Suite à un sortilège de sorcières, Titi et Grosminet s’incarnent dans l’univers DC et reprennent leur lutte traditionnelle. Il n’y a qu’un problème : ils représentent désormais une « charge totémique ». Si le chat dévore le canari, tous les personnages liés aux oiseaux vont périr. Et si c’est l’inverse, si Titi l’emporte, alors ce seront tous ceux qui ont basé leur image sur des félins sont voués à disparaître. Et ça, Catwoman, bien sûr, ne veut pas en entendre parler…

Catwoman - Tweety and Sylvester #1Catwoman – Tweety and Sylvester #1 [DC Comics]
Scénario de Gail Simone, Shea Fontana
Dessins d’Inaki Miranda, Walter Carzon
Parution aux USA le mercredi 29 août 2018

Il est des titres dont on ne pouvait guère se douter qu’ils existeraient un jour, tant ils sont basés sur une rencontre en apparence impossible. La confrontation des personnages de DC Comics avec les Looney Tunes, engagée depuis quelques temps déjà, ne manque pas de nous fournir ce genre de projets à intervalle régulier. Cette semaine, l’éditeur de comics nous livre une nouvelle vague de ces « team-ups » improbables, qui sont cette fois plus spécialement orientés vers les super-villains (Lex Luthor, Joker…), incluant donc aussi Catwoman. Si les fans de Selina Kyle seront prompts à pointer que la femme-chat n’est plus une super-criminelle depuis belle lurette, elle n’en reste pas moins un personnage à la marge. Disons qu’elle n’est pas une « bonne samaritaine ». Mise devant un choix ingérable, Catwoman choisira souvent l’option qui lui est plus bénéfique. C’est pour cela, sans doute, que cette étranger aventure prend une forme de sens qu’elle n’aurait pas si Superman en était la vedette. Deux êtres, un chat et un canari, portent le destin d’une partie de la population. Selina va vite comprendre que si Sylvestre perd sa propre vie sera en danger et, sans le moindre scrupule, elle se lance donc avec lui à la chasse au Titi. En fait le titre de ce numéro spécial est un brin trompeur puisque la scénariste Gail Simone profite de l’opération pour lorgner sur ce qu’elle écrivait à une certaine époque de Birds of Prey. On a même droit à une courte d’apparition d’Oracle. De facto, l’histoire raconte surtout l’opposition entre Catwoman (qui a pris le parti du chat) et Black Canary (qui forcément tient plutôt à l’oiseau). Et puisque ce genre de projet se passe un peu dans une version malléable de l’univers DC, où l’on écrit un peu ce qu’on veut, Simone invoque certains personnages sans s’occuper de savoir s’ils appartiennent à telle ou telle version de la chronologie. Vous croiserez donc aussi bien le Red Robin post-New52 qu’un membre de la JSA pré-2011… Sans que cela choque puisque quelque part c’est là aussi un signe qu’il ne faut pas trop prendre les choses au sérieux.
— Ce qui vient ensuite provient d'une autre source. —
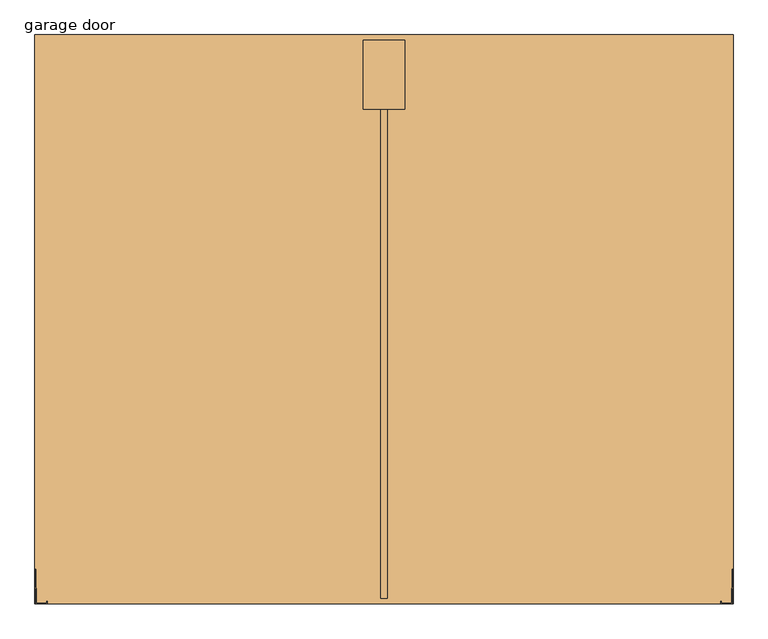
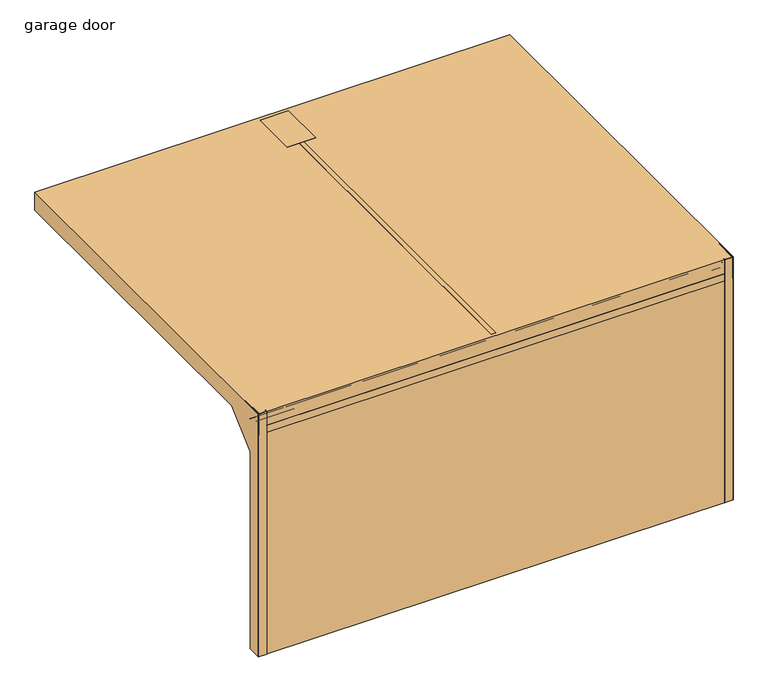
"""IFC4 building model written with IfcOpenShell, lengths in millimetres: door geometry, Sectional_Door_LPU_RU : garage door."""

from ifc_helpers import new_model, si_unit, point, frame, frame_2d, origin, origin_with_axes, place, context, project, spatial, polyline, circle_curve, trimmed, segment, composite_curve, outline, extrude, faceted_brep, source, transform, mapped, element, save
from ifc_brep_helpers import plane_surface, cylinder_surface, revolved_surface, advanced_brep


def garage_door_3c0e62b6(model_context):
    return source(origin(), model_context, "Body", "SolidModel", [
        extrude(outline(polyline([(-1601.2472293, 2039.6377448), (-1628.6278097, 2039.6377448), (-1628.6278097, 2002.03125), (-1637.0303432, 2002.03125), (-1637.0303432, 2490.0), (-1629.0303432, 2490.0), (-1629.0303432, 2512.7083202), (-1605.0303432, 2535.1762842), (-1605.0303432, 2490.0), (-1595.0303432, 2490.0), (-1595.0303432, 2015.0), (-1601.2472293, 2015.0), (-1601.2472293, 2039.6377448)])), frame((-2458.4, 0.0, 0.0), z_axis=(1.0, 0.0, 0.0), x_axis=(0.0, 1.0, 0.0)), (0.0, 0.0, 1.0), 4916.8),
        extrude(outline(polyline([(-1601.2472293, 1539.6377448), (-1628.6278097, 1539.6377448), (-1628.6278097, 1502.03125), (-1637.0303432, 1502.03125), (-1637.0303432, 1990.0), (-1629.0303432, 1990.0), (-1629.0303432, 2012.7083202), (-1605.0303432, 2035.1762842), (-1605.0303432, 1990.0), (-1595.0303432, 1990.0), (-1595.0303432, 1515.0), (-1601.2472293, 1515.0), (-1601.2472293, 1539.6377448)])), frame((-2458.4, 0.0, 0.0), z_axis=(1.0, 0.0, 0.0), x_axis=(0.0, 1.0, 0.0)), (0.0, 0.0, 1.0), 4916.8),
        extrude(outline(polyline([(-1601.2472293, 1039.6377448), (-1628.6278097, 1039.6377448), (-1628.6278097, 1002.03125), (-1637.0303432, 1002.03125), (-1637.0303432, 1490.0), (-1629.0303432, 1490.0), (-1629.0303432, 1512.7083202), (-1605.0303432, 1535.1762842), (-1605.0303432, 1490.0), (-1595.0303432, 1490.0), (-1595.0303432, 1015.0), (-1601.2472293, 1015.0), (-1601.2472293, 1039.6377448)])), frame((-2458.4, 0.0, 0.0), z_axis=(1.0, 0.0, 0.0), x_axis=(0.0, 1.0, 0.0)), (0.0, 0.0, 1.0), 4916.8),
        extrude(outline(polyline([(-1601.2472293, 539.6377448), (-1628.6278097, 539.6377448), (-1628.6278097, 502.03125), (-1637.0303432, 502.03125), (-1637.0303432, 990.0), (-1629.0303432, 990.0), (-1629.0303432, 1012.7083202), (-1605.0303432, 1035.1762842), (-1605.0303432, 990.0), (-1595.0303432, 990.0), (-1595.0303432, 515.0), (-1601.2472293, 515.0), (-1601.2472293, 539.6377448)])), frame((-2458.4, 0.0, 0.0), z_axis=(1.0, 0.0, 0.0), x_axis=(0.0, 1.0, 0.0)), (0.0, 0.0, 1.0), 4916.8),
        extrude(outline(polyline([(-150.0, 2425.9696568), (150.0, 2425.9696568), (150.0, 1925.9696568), (-150.0, 1925.9696568), (-150.0, 2425.9696568)])), frame((0.0, 0.0, 2595.0), z_axis=(0.0, 0.0, 1.0), x_axis=(1.0, 0.0, 0.0)), (0.0, 0.0, 1.0), 140.0),
        extrude(outline(polyline([(2523.4003172, -1659.0303432), (2438.4, -1659.0303432), (2438.4, -1638.7178432), (2441.7654545, -1638.7178432), (2441.7654545, -1655.2208416), (2519.9628172, -1655.2208416), (2519.9628172, -1544.4759666), (2524.739741, -1539.6990428), (2528.2752749, -1543.2345767), (2523.4003172, -1548.1095345), (2523.4003172, -1659.0303432)])), origin_with_axes(), (0.0, 0.0, 1.0), 2735.0),
        extrude(outline(polyline([(-2523.4003172, -1659.0303432), (-2523.4003172, -1548.1095345), (-2528.2752749, -1543.2345767), (-2524.739741, -1539.6990428), (-2519.9628172, -1544.4759666), (-2519.9628172, -1655.2208416), (-2441.7654545, -1655.2208416), (-2441.7654545, -1638.7178432), (-2438.4, -1638.7178432), (-2438.4, -1659.0303432), (-2523.4003172, -1659.0303432)])), origin_with_axes(), (0.0, 0.0, 1.0), 2735.0),
        extrude(outline(polyline([(-1408.7178432, 2735.0), (-1408.7178432, 2595.0), (-1548.1095345, 2494.9608265), (-1659.0303432, 2494.9608265), (-1659.0303432, 2735.0), (-1408.7178432, 2735.0)])), frame((2523.4003172, 0.0, 0.0), z_axis=(1.0, 0.0, 0.0), x_axis=(0.0, 1.0, 0.0)), (0.0, 0.0, 1.0), 3.7125221),
        extrude(outline(polyline([(-1408.7178432, 2735.0), (-1408.7178432, 2595.0), (-1548.1095345, 2494.9608265), (-1659.0303432, 2494.9608265), (-1659.0303432, 2735.0), (-1408.7178432, 2735.0)])), frame((-2527.1128393, 0.0, 0.0), z_axis=(1.0, 0.0, 0.0), x_axis=(0.0, 1.0, 0.0)), (0.0, 0.0, 1.0), 3.7125221),
        extrude(outline(polyline([(2518.4, 1286.6844584), (-2518.4, 1286.6844584), (-2518.4, 1351.6844584), (2518.4, 1351.6844584), (2518.4, 1286.6844584)])), frame((0.0, 0.0, 2687.5), z_axis=(0.0, 0.0, 1.0), x_axis=(1.0, 0.0, 0.0)), (0.0, 0.0, 1.0), 2.5),
        extrude(outline(polyline([(-1659.0303432, 2580.0), (-1638.737141, 2580.0), (-1638.737141, 2565.0), (-1640.5687539, 2565.0), (-1640.5687539, 2577.8988964), (-1657.1312539, 2577.8988964), (-1657.1312539, 2502.7049207), (-1640.5687539, 2502.7049207), (-1640.5687539, 2515.838061), (-1638.737141, 2515.838061), (-1638.737141, 2500.0), (-1659.0303432, 2500.0), (-1659.0303432, 2580.0)])), frame((-2438.4, 0.0, 0.0), z_axis=(1.0, 0.0, 0.0), x_axis=(0.0, 1.0, 0.0)), (0.0, 0.0, 1.0), 4876.8),
        faceted_brep([(-2488.4, -1636.7431471, 2607.219103), (-2518.4, -1636.7431471, 2607.219103), (-2518.4, -1601.2258031, 2552.780897), (-2488.4, -1601.2258031, 2552.780897), (-2488.4, -1607.025551, 2561.6702968), (-2490.8606703, -1607.025551, 2561.6702968), (-2490.8606703, -1602.9273959, 2555.3889654), (-2515.8606703, -1602.9273959, 2555.3889654), (-2515.8606703, -1635.7126366, 2605.6396171), (-2490.8606703, -1635.7126366, 2605.6396171), (-2490.8606703, -1631.2789403, 2598.8439944), (-2488.4, -1631.2789403, 2598.8439944), (-2488.4, 1350.9696568, 2687.5), (-2488.4, 1350.9696568, 2677.5), (-2490.8606703, 1350.9696568, 2677.5), (-2490.8606703, 1350.9696568, 2685.6140711), (-2515.8606703, 1350.9696568, 2685.6140711), (-2515.8606703, 1350.9696568, 2625.6140711), (-2490.8606703, 1350.9696568, 2625.6140711), (-2490.8606703, 1350.9696568, 2633.1140711), (-2488.4, 1350.9696568, 2633.1140711), (-2488.4, 1350.9696568, 2622.5), (-2518.4, 1350.9696568, 2622.5), (-2518.4, 1350.9696568, 2687.5), (-2490.8606703, -1510.7211691, 2677.5), (-2488.4, -1510.7211691, 2677.5), (-2515.8606703, -1513.1340507, 2685.6140711), (-2490.8606703, -1513.1340507, 2685.6140711), (-2490.8606703, -1495.2918483, 2625.6140711), (-2515.8606703, -1495.2918483, 2625.6140711), (-2488.4, -1497.5221236, 2633.1140711), (-2490.8606703, -1497.5221236, 2633.1140711), (-2518.4, -1494.3658169, 2622.5), (-2488.4, -1494.3658169, 2622.5), (-2488.4, -1513.6948695, 2687.5), (-2518.4, -1513.6948695, 2687.5)], [[[0, 1, 2, 3, 4, 5, 6, 7, 8, 9, 10, 11]], [[12, 13, 14, 15, 16, 17, 18, 19, 20, 21, 22, 23]], [[24, 14, 13, 25]], [[26, 16, 15, 27]], [[28, 18, 17, 29]], [[30, 20, 19, 31]], [[32, 22, 21, 33]], [[34, 12, 23, 35]], [[11, 25, 13, 12, 34, 0]], [[10, 24, 25, 11]], [[9, 27, 15, 14, 24, 10]], [[8, 26, 27, 9]], [[7, 29, 17, 16, 26, 8]], [[6, 28, 29, 7]], [[5, 31, 19, 18, 28, 6]], [[4, 30, 31, 5]], [[3, 33, 21, 20, 30, 4]], [[2, 32, 33, 3]], [[1, 35, 23, 22, 32, 2]], [[0, 34, 35, 1]]]),
        faceted_brep([(2488.4, -1636.7431471, 2607.219103), (2488.4, -1631.2789403, 2598.8439944), (2490.8606703, -1631.2789403, 2598.8439944), (2490.8606703, -1635.7126366, 2605.6396171), (2515.8606703, -1635.7126366, 2605.6396171), (2515.8606703, -1602.9273959, 2555.3889654), (2490.8606703, -1602.9273959, 2555.3889654), (2490.8606703, -1607.025551, 2561.6702968), (2488.4, -1607.025551, 2561.6702968), (2488.4, -1601.2258031, 2552.780897), (2518.4, -1601.2258031, 2552.780897), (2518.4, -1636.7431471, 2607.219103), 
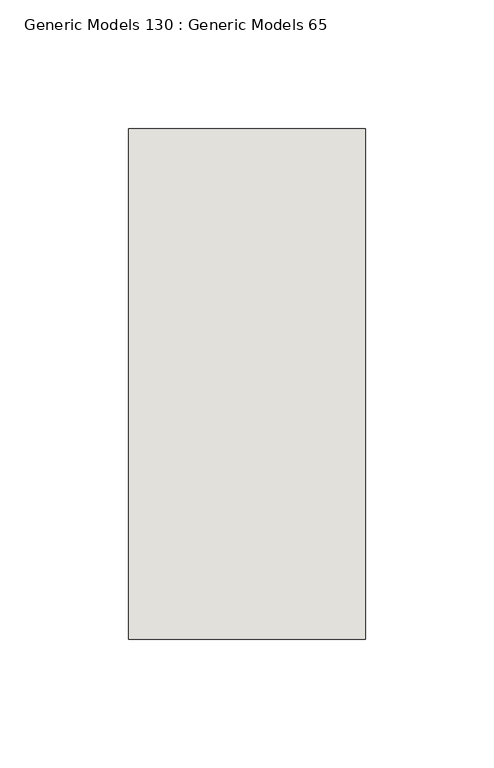
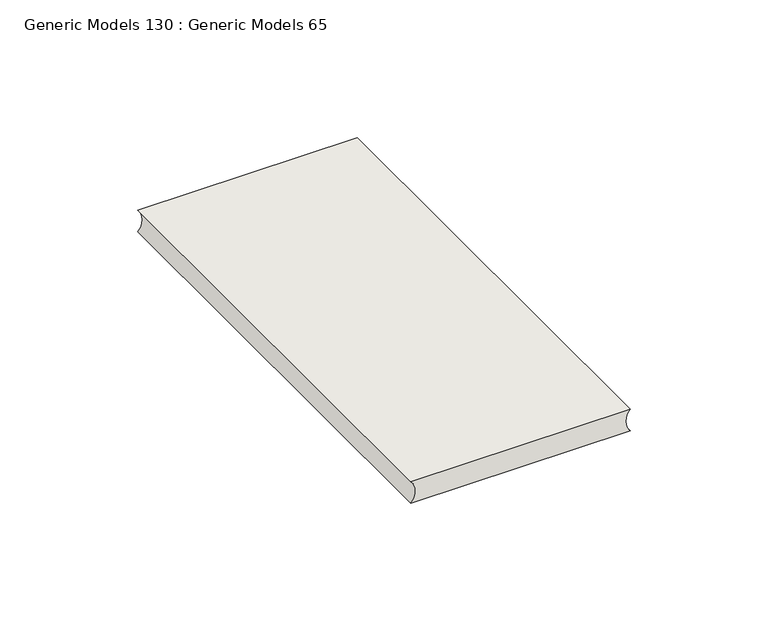
"""IFC4 building model written with IfcOpenShell, lengths in millimetres: wall geometry, Generic Models 130 : Generic Models 65."""

from ifc_helpers import new_model, si_unit, point, frame, frame_2d, origin, place, context, project, spatial, polyline, circle_curve, trimmed, segment, composite_curve, outline, extrude, source, transform, mapped, element, save


def generic_models_130_generic_models_65_b9b8dd6f(model_context):
    return source(origin(), model_context, "Body", "SweptSolid", [
        extrude(outline(composite_curve([segment(polyline([(1875.8712589, 375046.7901825), (1875.8712589, 374954.7151825)]), True, "CONTINUOUS"), segment(trimmed(circle_curve(frame_2d((1871.1087589, 374949.8321853)), 6.8209287), [point((1875.8712589, 374954.7151825))], [point((1866.3462589, 374954.7151825))], True, "CARTESIAN"), True, "CONTINUOUS"), segment(polyline([(1866.3462589, 374954.7151825), (1866.3462589, 375046.7901825)]), True, "CONTINUOUS"), segment(trimmed(circle_curve(frame_2d((1871.1087589, 375051.6731798)), 6.8209287), [point((1866.3462589, 375046.7901825))], [point((1875.8712589, 375046.7901825))], True, "CARTESIAN"), True, "CONTINUOUS")], self_intersect=False)), frame((0.0, 490.5375, 0.0), z_axis=(0.0, 1.0, 0.0), x_axis=(0.0, 0.0, 1.0)), (0.0, 0.0, 1.0), 198.4375),
    ])


if __name__ == "__main__":
    model = new_model("IFC4")
    model_context = context("Model", 3, world=origin())
    ifc_project = project(units=[si_unit("LENGTHUNIT", "METRE", prefix="MILLI")], contexts=[model_context])
    site = spatial("IfcSite", under=ifc_project)
    building = spatial("IfcBuilding", under=site)
    placement = place(None, origin())
    generic_models_130_generic_models_65_shape = generic_models_130_generic_models_65_b9b8dd6f(model_context)
    element("IfcWall", 1, ObjectType="Generic Models 130 : Generic Models 65", at=placement, inside=building, context=model_context, shape_type="MappedRepresentation", body=[
        mapped(generic_models_130_generic_models_65_shape, transform((0.0, 0.0, 0.0), x_axis=(1.0, 0.0, 0.0), y_axis=(0.0, 1.0, 0.0), z_axis=(0.0, 0.0, 1.0))),
    ])
    save(model, "model.ifc")

# Revit data of these elements
# Element 1 (IfcWall, "Generic Models 130 : Generic Models 65")
#   Materials on its faces: "MORTAR JOINT"
# Materials
#   "MORTAR JOINT": class "Generic", colour RGB 120 120 120, transparency 0, Cost = 0

« Well, hellooooo, gorgeouth! »

Reste que s’il s’agît de confondre les périmètres de DC et des Looney Toons, ce genre de projet s’occupe aussi de « moderniser » les personnages de dessin animés concernés. C’est-à-dire qu’il n’y a pas d’effet à la Roger Rabbit. Titi et Grosminet ne débarquent pas comme des toons dans un univers de super-héros mais sous la forme de « vrais » animaux, sans anthropomorphisme visuel. S’ils conservent bien leur mentalité d’origine, ils sont représentés par Inaki Miranda de manière réaliste. La « fanbase » des cartoons peut donc avoir la sensation de ne pas retrouver réellement Sylvestre et Titi « canal historique ». Mais cette capacité à réinvention est aussi ce qui donne à ces projets un certain espace de liberté (rien que l’idée de retrouver Grosminet en concert façon Baby Metal…). D’ailleurs il y a une sorte de match retour dans le même numéro, une histoire servie par Shea Fontana et Walter Carzon qui permet de retrouver les versions plus classiques de Titi & Grosminet confrontés à une Catwoman plus compatible avec leur univers animé. Et force est de constater que le récit est du coup beaucoup plus guindé, daté, qu’il remplit sa fonction de back-up mais qu’il ne saurait égaler la première histoire. Catwoman – Tweety and Sylvester reste une sorte d’OVNI, une dose de non-sens totalement assumée. C’est aussi, pour ce qui est du récit principal, une occasion de (re)voir Gail Simone faire à avec l’univers DC comme elle l’entend et retrouver au passage, quand bien même juste pour des « caméo », quelques vieilles connaissances tirées des rangs des Birds of Prey ou des Secret Six.